By Charles E. Morrison*
Following his recent assassination, late Japanese prime minister Shinzo Abe received commendations from leaders around the world as well as a posthumous political accolade from the Japanese people: his Liberal Democratic Party’s massive victory in Upper House elections shortly after his death. The Economist and others have called him “the most consequential” Japanese prime minister of recent times, and even his numerous critics would not disagree. It is not just a matter of unprecedented longevity as prime minister, but significant accomplishments during his tenure.
First, Abe brought stability after a long period of short-term leaders, including his earlier scandal-marred stint of less than a year. In the quarter-century before his second term began in 2012, there had been 17 prime ministers, with only Junichiro Koizumi lasting more than three years. People were seeking stability, and with almost eight years in office, Abe provided it.

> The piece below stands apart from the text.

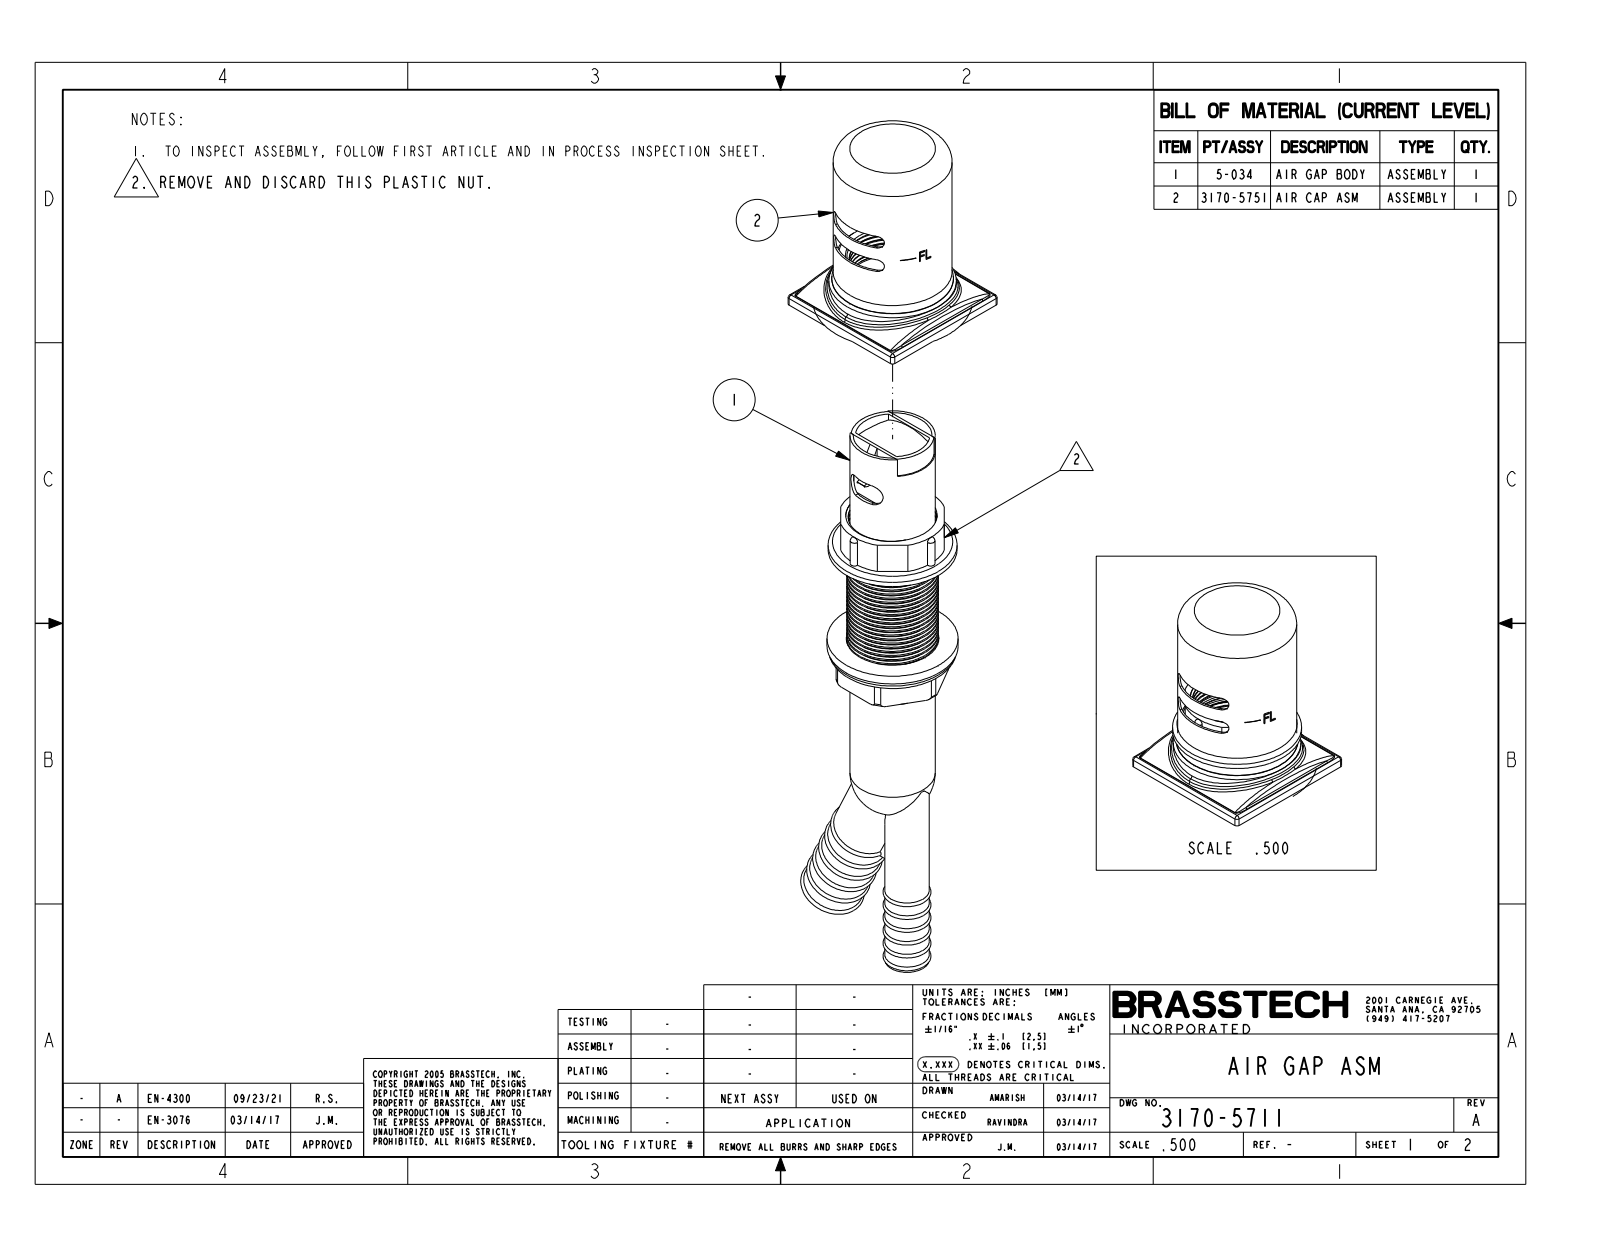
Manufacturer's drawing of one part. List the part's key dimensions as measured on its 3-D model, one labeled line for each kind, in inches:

Economic priority, diplomatic skill
Second, from the outset, Abe prioritized economic growth. A stellar economy in the 1950s through 1980s, Japan’s GDP growth fell to almost nothing in “lost decade” of the 1990s, and the lethargy lingered with chronic deflation. Abe’s advisors formulated a “three arrow” plan of monetary easing, fiscal stimulus, and structural reforms. Critics would find “Abenomics” at best only partially successful, leaving behind huge government deficits and adding more to corporate profits than wages. But it gave hope. Measures of consumer confidence and national economic prospects rose, helping Abe maintain a strong positive approval rating during his first four years, far longer than predecessors.
Third, he presided over a deft Asia policy designed both to balance China, a regional competitor, and also to reduce the worst tensions in Sino-Japanese relations. Under Abe, Japan built regional political and economic partnerships. It lay foundations for the “Indo-Pacific” concept, prior to the American one, as well as promoted the loose “Quad” grouping with India, Australia, and the United States. Meant to protect Japan’s sea lanes and implicitly balance China, Abe’s policy also lowered the temperature around a territorial dispute with Beijing over three rocky islets. He did this by acknowledging that China claimed them, but ceding nothing in terms of Japan’s sovereignty.
Among his other achievements, Abe’s Japan assumed the leadership for implementing the previously US-led Trans-Pacific Partnership trade deal after President Trump ditched it. At the same time, Japan was a partner in the Regional Comprehensive Economic Partnership, an Asian trade initiative including China. It has also quietly promoted its own infrastructure development programs for developing Asian economies, sometimes in partnership with the United States.
Fourth, Abe was often deemed the most adept foreign leader in handling the unpredictable Trump. The importance of the US relationship to Japan can hardly be underestimated, and Abe’s efforts were designed more to contain damage rather than lay out new bilateral initiatives.
He became the first foreign leader to visit the president-elect and assiduously worked to forge a symbolic personal relationship around golf, hamburgers, matching outfits, and many meetings. While Japan did not escape criticism over trade surpluses or defense burden-sharing, Trump perceived Abe as a positive, compatible leader. If not for Abe, Trump-Japan relations undoubtedly could have mirrored those with Angela Merkel or some other G7 partners.
Push for constitutional change
Abe was often perceived more favorably abroad than at home. During his last three years, his popularity fell, with approval ratings hovering around 50 percent. His tenure was rocked by periodic scandals, and some saw him as a would-be authoritarian. His continuation in office may have reflected less his abilities than the lack of the alternatives in the opposition or his own party.
Most Japanese prime ministers try to reflect, rather than lead, consensus. Like Yasuhiro Nakasone or Koizumi before him, Abe projected a nationalistic vision of a Japan as a more “normal” country. Pushing for this vision, he made changes in coordination by creating a national security council, interpretation of the constitution, and defense spending that expanded Japan’s security role.
Some believe his most lasting legacy, based on his party’s new Diet majority following the recent election, will be the realization of his long-desired amending of the restrictive postwar constitution. Not just his nudging, but generational change, uncertain geopolitical terrain, and US pressures have been pushing Japan in this direction. When it happens, he’s likely to get the credit—or in some eyes, the blame.